_What you are asked to do_.
Would you print the records below from the first line through the line containing "arc (552.274, -694.965)", skipping the pictures?
━━ Supplied material
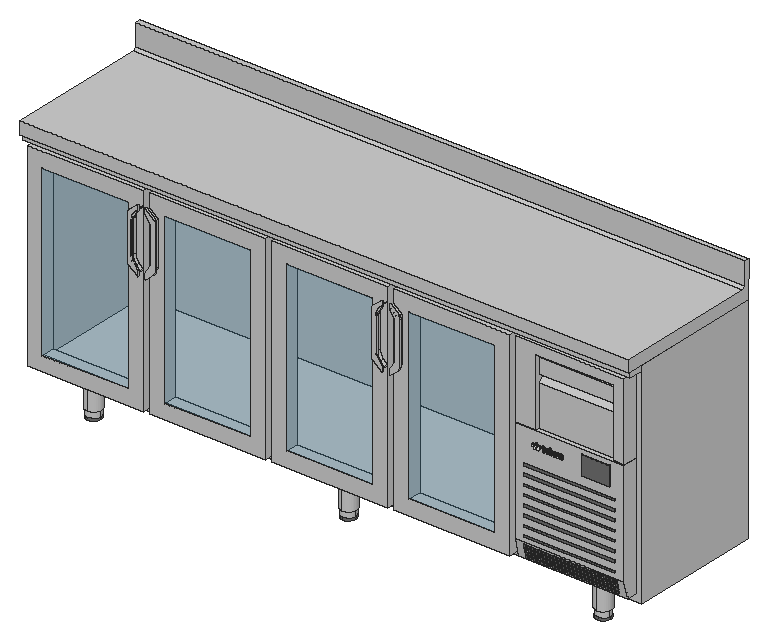
Revit family "QF_INFRICO_FMPP2500CR_250812114429", category Specialty Equipment, Revit 2021 (continued)
Definition of nested family "QF_INFRICO_FMPPCR_DOOR_SX_7315"
  Parameters (values of type "PUE17IIFM")
    Assembly Code = "E1090320"
    Accessory [instance] = yes
  Types (2, lengths in mm): name | Model | Description
    FMPPCR_DOOR_SX | "FMPPCR_DOOR_SX" | "LEFT DOOR"
    PUE17IIFM | "PUE17IIFM" | "GLASS DOORS UNIT - LEFT DOOR"
  Reference planes
    plane 1 "Back": y = 0
    plane 2: z = 0
    plane 3 "Left": x = 0
    plane 4 "Right": x = 467
    plane 5 "Front": y = -54
    plane 6 "Top": z = 797
  Forms (mm)
    Extrusion 1, solid
      sketch origin (981.03, 638.058, 31.708) x (-1, 0, 0) y (0, 0, -1)
        loop
          line (518.816, -723.04) -> (552.274, -694.965)
          arc (552.274, -694.965) -> (556.597, -689.332) -> (558.134, -682.399) r 16.404
          line (558.134, -682.399) -> (558.134, -507.408)
          arc (558.134, -507.408) -> (556.597, -500.476) -> (552.274, -494.842) r 16.404
          line (552.274, -494.842) -> (518.816, -466.767) -> (515.53, -466.767) -> (515.53, -486.767) -> (535.322, -518.029)
          arc (535.322, -518.029) -> (536.599, -520.779) -> (537.13, -523.765) r 11.743
          line (537.13, -523.765) -> (537.13, -666.043)
          arc (537.13, -666.043) -> (536.599, -669.028) -> (535.322, -671.778) r 11.743
          line (535.322, -671.778) -> (515.53, -703.04) -> (515.53, -723.04) -> (518.816, -723.04)
      from 713.68 to 715.78
    Extrusion 2, solid
      sketch origin (-21.902, 638.058, 31.708) x (1, 0, 0) y (0, 0, 1)
        loop
          arc (471.131, 498.425) -> (461.192, 513.299) -> (457.702, 530.845) r 45.85
          line (457.702, 530.845) -> (457.702, 659.546)
          arc (457.702, 659.546) -> (461.192, 677.092) -> (471.131, 691.967) r 45.85
          line (471.131, 691.967) -> (487.402, 708.237) -> (487.402, 711.202) -> (457.988, 686.521)
          arc (457.988, 686.521) -> (456.67, 684.804) -> (456.202, 682.691) r 5
          line (456.202, 682.691) -> (456.202, 507.7)
          arc (456.202, 507.7) -> (456.67, 505.587) -> (457.988, 503.87) r 5
          line (457.988, 503.87) -> (487.402, 479.189) -> (487.402, 482.154) -> (471.131, 498.425)
      from 692.058 to 713.68
    Extrusion 3, solid
      sketch origin (-21.902, 638.058, -168.292) x (0, 1, 0) y (0, 0, 1)
        loop
          line (-692.058, 905.292) -> (-692.058, 228.292) -> (-688.07, 228.292) -> (-688.07, 905.292) -> (-692.058, 905.292)
      from 81.902 to 428.902
    Extrusion 4, solid
      sketch origin (-21.902, 0, -168.292) x (1, 0, 0) y (0, 0, 1)
        loop
          line (21.902, 965.292) -> (21.902, 168.292) -> (488.902, 168.292) -> (488.902, 965.292) -> (21.902, 965.292)
        loop
          line (81.902, 905.292) -> (81.902, 228.292) -> (428.902, 228.292) -> (428.902, 905.292) -> (81.902, 905.292)
      from 0 to 54
    Extrusion 5, solid, visible <- "Show Clearance", detail levels coarse
      sketch origin (0, 0, 0) x (1, 0, 0) y (0, 1, 0)
        loop
          line (0, -54) -> (0, -467) -> (54, -467)
          arc (54, -467) -> (346.035, -346.035) -> (467, -54) r 413
          line (467, -54) -> (0, -54)
      from 0 to 797
  Lines and regions (mm)
    symbolic lines, visible <- "Show Clearance"
      curve 1: line (0, -61.9, 0) -> (0, -467, 0)
      curve 2: line (0, -467, 0) -> (54, -467, 0)
      curve 3: arc (54, -467, 0) -> (343.229, -348.815, 0) -> (466.924, -61.9, 0) r 413
  Dimensions and locks
    plane 4 "Right" to plane 3 "Left" = 467 mm
    plane 6 "Top" to level = 797 mm
    plane 1 "Back" to plane 5 "Front" = 54 mm  (x2)
    plane 3 "Left" to plane 4 "Right" = 467 mm
    aligned and locked: level to plane 2
Definition of nested family "QF_INFRICO_WORKTOP_BACKSPLASH_8123"
  Parameters (values of type "ENC12CPMC10")
    Weight [instance] = 0.00 kg
    Warranty Start Date [instance] = ""
    Warranty Duration [instance] = ""
    URL Cutsheet [instance] = ""
    URL = "www.infrico.com"
    Technical Documentation [instance] = ""
    Tag Number [instance] = ""
    Status [instance] = ""
    Specification by User [instance] = ""
    Specification by Manufacturer [instance] = ""
    Sound Level [instance] = ""
    Solid Fuel Type [instance] = ""
    Show Logo [instance] = yes
    Show Clearances [instance] = yes
    Show Clearance [instance] = yes
    Service Life Duration [instance] = ""
    Serial Number [instance] = ""
    Seismic Rating [instance] = ""
    SMACNA No [instance] = ""
    Revision Code [instance] = ""
    Revision [instance] = ""
    Production Year [instance] = ""
    Point Load [instance] = 0
    Other Equipment Approvals [instance] = ""
    NAFEM Spec ID Number [instance] = ""
    Model Warning [instance] = ""
    Model = "ENC12CPGN19"
    Masterspec [instance] = ""
    Manufacturer = "INFRICO"
    Length Actual [instance] = 0 mm
    Length = 1000 mm
    Item Number [instance] = ""
    Installed By [instance] = ""
    Installation Date [instance] = ""
    Identify Quantity as Lot [instance] = yes
    ID [instance] = ""
    Hygiene Approval [instance] = ""
    Height Actual [instance] = 0 mm
    Furnished By [instance] = ""
    Foodservice Equipment Identifier [instance] = yes
    ETL Approved [instance] = yes
    Description = "WORKTOP WITH BACKSPLASH"
    Depth Actual [instance] = 0 mm
    Depth = 600 mm
    Default Elevation = 0 mm
    CSI MasterFormat [instance] = ""
    CE Approved [instance] = yes
    Barcode [instance] = ""
    Author [instance] = ""
    Asset Identifier [instance] = ""
    Assembly Code = "E1090320"
    Accessory [instance] = yes
  Types (30, lengths in mm): name | Model | Length | Description | Depth
    ENC12CPGN19 | "ENC12CPGN19" | 1960 | "WORKTOP WITH BACKSPLASH" | 700
    ENC12CPGN14 | "ENC12CPGN14" | 1468 | "WORKTOP WITH BACKSPLASH" | 700
    ENC12CPGN24 | "ENC12CPGN24" | 2452 | "WORKTOP WITH BACKSPLASH" | 700
    ENC12CPGN14R | "ENC12CPGN14R" | 1160 | "WORKTOP WITH BACKSPLASH" | 700
    ENC12CPGN19R | "ENC12CPGN19R" | 1652 | "WORKTOP WITH BACKSPLASH" | 700
    ENC12CPGN24R | "ENC12CPGN24R" | 2144 | "WORKTOP WITH BACKSPLASH" | 700
    ENC12CPBM20 | "ENC12CPBM20" | 1960 | "WORKTOP WITH BACKSPLASH" | 600
    ENC12CPBM15 | "ENC12CPBM15" | 1468 | "WORKTOP WITH BACKSPLASH" | 600
    ENC12CPBM25 | "ENC12CPBM25" | 2452 | "WORKTOP WITH BACKSPLASH" | 600
    ENC12CPBM15R | "ENC12CPBM15R" | 1160 | "WORKTOP WITH BACKSPLASH" | 600
    ENC12CPBM20R | "ENC12CPBM20R" | 1652 | "WORKTOP WITH BACKSPLASH" | 600
    ENC12CPBM25R | "ENC12CPBM25R" | 2144 | "WORKTOP WITH BACKSPLASH" | 600
    ENC12CPME10 | "ENC12CPME10" | 978 | "WORKTOP WITH BACKSPLASH" | 700
    ENC12CPME14 | "ENC12CPME14" | 1460 | "WORKTOP WITH BACKSPLASH" | 700
    ENC12CPMC8 | "ENC12CPGN19" | 820 | "WORKTOP WITH BACKSPLASH" | 600
    ENC12CPMC10 | "ENC12CPGN19" | 1000 | "WORKTOP WITH BACKSPLASH" | 600
    ENC12CPMC15 | "ENC12CPGN19" | 1468 | "WORKTOP WITH BACKSPLASH" | 600
    BKSP10_30 | "BKSP10_30" | 1000 | "WORKTOP WITH BACKSPLASH 1000_300" | 300
    BKSP15_60 | "BKSP15_60" | 1468 | "WORKTOP WITH BACKSPLASH 1500_600" | 600
    BKSP15_30 | "BKSP15_30" | 1468 | "WORKTOP WITH BACKSPLASH 1500_300" | 300
    BKSP20_30 | "BKSP20_30" | 1960 | "WORKTOP WITH BACKSPLASH 2000_300" | 300
    BKSP20_60 | "BKSP20_60" | 1960 | "WORKTOP WITH BACKSPLASH 2000_600" | 600
    BKSP10_60 | "BKSP10_60" | 1000 | "WORKTOP WITH BACKSPLASH 1000_600" | 600
    BKSP10_70_MT | "BKSP10_70_MT" | 1000 | "WORKTOP WITH BACKSPLASH 1000_700" | 700
    BKSP15_60_MT | "BKSP15_60_MT" | 1500 | "WORKTOP WITH BACKSPLASH 1500_600" | 600
    BKSP15_70_MT | "BKSP15_70_MT" | 1500 | "WORKTOP WITH BACKSPLASH 1500_700" | 700
    BKSP20_60_MT | "BKSP20_60_MT" | 2000 | "WORKTOP WITH BACKSPLASH 2000_600" | 600
    BKSP20_70_MT | "BKSP20_70_MT" | 2000 | "WORKTOP WITH BACKSPLASH 2000_700" | 700
    BKSP25_30 | "BKSP25_30" | 2452 | "WORKTOP WITH BACKSPLASH 2500_300" | 300
    BKSP25_60 | "BKSP25_60" | 2452 | "WORKTOP WITH BACKSPLASH 2500_600" | 600
  Reference planes
    plane 1 "Back": y = 0
    plane 2: z = 0
    plane 3 "Left": x = 0
    plane 4 "Right": x = 1000
    plane 5 "Front": y = -600
    plane 6 "Top": z = 150.03
  Forms (mm)
    Extrusion 1, solid
      sketch origin (0, 0, -660) x (0, 1, 0) y (0, 0, 1)
        loop
          line (0, 660) -> (0, 810.03) -> (-20, 810.03) -> (-20, 720.071) -> (-30.071, 710) -> (-600, 710) -> (-600, 660) -> (0, 660)
      from 0 to 1000
  Lines and regions (mm)
    symbolic lines
      curve 1: line (0, -600, 0) -> (1000, -600, 0)
      curve 2: line (0, 0, 0) -> (0, -600, 0)
      curve 3: line (1000, -600, 0) -> (1000, 0, 0)
      curve 4: line (1000, 0, 0) -> (0, 0, 0)
      curve 5: line (0, -20, 0) -> (1000, -20, 0)
  Dimensions and locks
    plane 6 "Top" to level = 150.03 mm
    plane 4 "Right" to plane 3 "Left" = 1000 mm
    "Length": plane 3 "Left" to plane 4 "Right"
    "Depth": plane 5 "Front" to plane 1 "Back"
    aligned and locked: level to plane 2
    aligned and locked: Extrusion 1 to plane 4 "Right"
  Automatic sketch dimensions
    curve 1 to plane 3 "Left" = 0 mm
    plane 1 "Back" to curve 4 = 0 mm
    curve 4 to plane 4 "Right" = 0 mm
    curve 1 to plane 5 "Front" = 0 mm
    plane 1 "Back" to curve 5 = 20 mm
    Extrusion 1 sketch curve to level = 0 mm
    Extrusion 1 sketch curve to plane 5 "Front" = 0 mm
    Extrusion 1 sketch curve to plane 6 "Top" = 0 mm
    Extrusion 1 sketch curve to plane 1 "Back" = 0 mm
    plane 1 "Back" to Extrusion 1 sketch curve = 30.071 mm
    Extrusion 1 sketch curve to Extrusion 1 sketch curve = 10.071 mm  (x2)
    level to Extrusion 1 sketch curve = 50 mm
Definition of nested family "QF_INFRICO_LEGS_8959"
  Parameters (values of type "LEGS_2190_740")
    Weight [instance] = 0.00 kg
    Warranty Start Date [instance] = ""
    Warranty Duration [instance] = ""
    URL Cutsheet [instance] = ""
    URL = "www.infrico.com"
    Technical Documentation [instance] = ""
    Tag Number [instance] = ""
    Status [instance] = ""
    Specification by User [instance] = ""
    Specification by Manufacturer [instance] = ""
    Sound Level [instance] = ""
    Solid Fuel Type [instance] = ""
    Show Logo [instance] = yes
    Show Clearances [instance] = yes
    Show Clearance [instance] = yes
    Service Life Duration [instance] = ""
    Serial Number [instance] = ""
    Seismic Rating [instance] = ""
    SMACNA No [instance] = ""
    Revision Code [instance] = ""
    Revision [instance] = ""
    Production Year [instance] = ""
    Point Load [instance] = 0
    Other Equipment Approvals [instance] = ""
    NAFEM Spec ID Number [instance] = ""
    Model Warning [instance] = ""
    Model = "LEGS_2190_740"
    Masterspec [instance] = ""
    Manufacturer = "INFRICO"
    Length Actual [instance] = 0 mm
    Length = 2185 mm
    Item Number [instance] = ""
    Installed By [instance] = ""
    Installation Date [instance] = ""
    Identify Quantity as Lot [instance] = yes
    ID [instance] = ""
    Hygiene Approval [instance] = ""
    Height Actual [instance] = 0 mm
    Height = 140 mm
    Furnished By [instance] = ""
    Foodservice Equipment Identifier [instance] = yes
    ETL Approved [instance] = yes
    Description = "LEGS"
    Depth Actual [instance] = 0 mm
    Depth = 738 mm
    Default Elevation = 0 mm
    CentralLegs = if(or(Length > 2200 mm, Length = 2144 mm), 2 > 1, 2 < 1)  # no
    CSI MasterFormat [instance] = ""
    CE Approved [instance] = yes
    Barcode [instance] = ""
    Author [instance] = ""
    Asset Identifier [instance] = ""
    Assembly Code = "E1090320"
    Accessory [instance] = yes
  Types (29, lengths in mm): name | Model | Length | Height | Depth | CentralLegs
    LEGS_1960_700 | "LEGS_1960_700" | 1960 | 140 | 700 | no
    LEGS_1470_700 | "LEGS_1470_700" | 1468 | 140 | 700 | no
    LEGS_2450_700 | "LEGS_2450_700" | 2452 | 140 | 700 | yes
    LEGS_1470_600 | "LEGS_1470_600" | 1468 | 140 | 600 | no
━━━━
_Task solution_.
Revit family "QF_INFRICO_FMPP2500CR_250812114429", category Specialty Equipment, Revit 2021 (continued)
Definition of nested family "QF_INFRICO_FMPPCR_DOOR_SX_7315"
  Parameters (values of type "PUE17IIFM")
    Assembly Code = "E1090320"
    Accessory [instance] = yes
  Types (2, lengths in mm): name | Model | Description
    FMPPCR_DOOR_SX | "FMPPCR_DOOR_SX" | "LEFT DOOR"
    PUE17IIFM | "PUE17IIFM" | "GLASS DOORS UNIT - LEFT DOOR"
  Reference planes
    plane 1 "Back": y = 0
    plane 2: z = 0
    plane 3 "Left": x = 0
    plane 4 "Right": x = 467
    plane 5 "Front": y = -54
    plane 6 "Top": z = 797
  Forms (mm)
    Extrusion 1, solid
      sketch origin (981.03, 638.058, 31.708) x (-1, 0, 0) y (0, 0, -1)
        loop
          line (518.816, -723.04) -> (552.274, -694.965)
          arc (552.274, -694.965) -> (556.597, -689.332) -> (558.134, -682.399) r 16.404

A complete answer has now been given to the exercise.